Task to carry out => All of the data, except its images, should be set down exactly as it appears.

[Records drawn from a dataset]
-*-
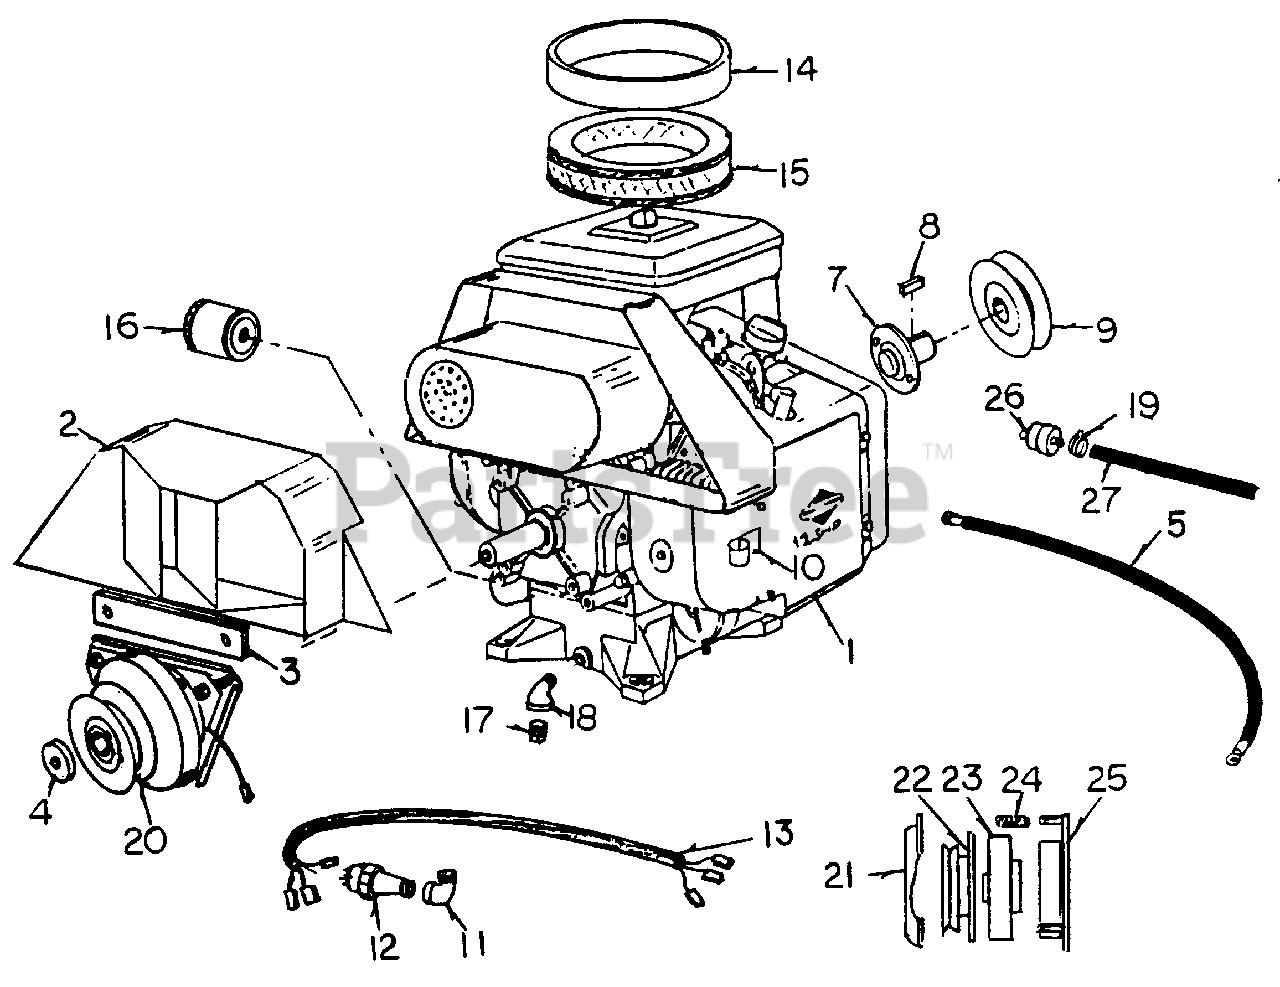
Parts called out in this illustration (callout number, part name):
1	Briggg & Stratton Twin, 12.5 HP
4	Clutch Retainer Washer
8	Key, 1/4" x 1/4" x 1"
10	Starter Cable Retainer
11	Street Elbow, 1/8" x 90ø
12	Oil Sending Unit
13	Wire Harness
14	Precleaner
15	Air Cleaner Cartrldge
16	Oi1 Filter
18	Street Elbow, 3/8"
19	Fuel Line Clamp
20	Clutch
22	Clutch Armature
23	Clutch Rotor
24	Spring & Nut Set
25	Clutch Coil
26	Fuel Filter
-*-
Output for this exercise =>
Parts called out in this illustration (callout number, part name):
1	Briggg & Stratton Twin, 12.5 HP
4	Clutch Retainer Washer
8	Key, 1/4" x 1/4" x 1"
10	Starter Cable Retainer
11	Street Elbow, 1/8" x 90ø
12	Oil Sending Unit
13	Wire Harness
14	Precleaner
15	Air Cleaner Cartrldge
16	Oi1 Filter
18	Street Elbow, 3/8"
19	Fuel Line Clamp
20	Clutch
22	Clutch Armature
23	Clutch Rotor
24	Spring & Nut Set
25	Clutch Coil
26	Fuel Filter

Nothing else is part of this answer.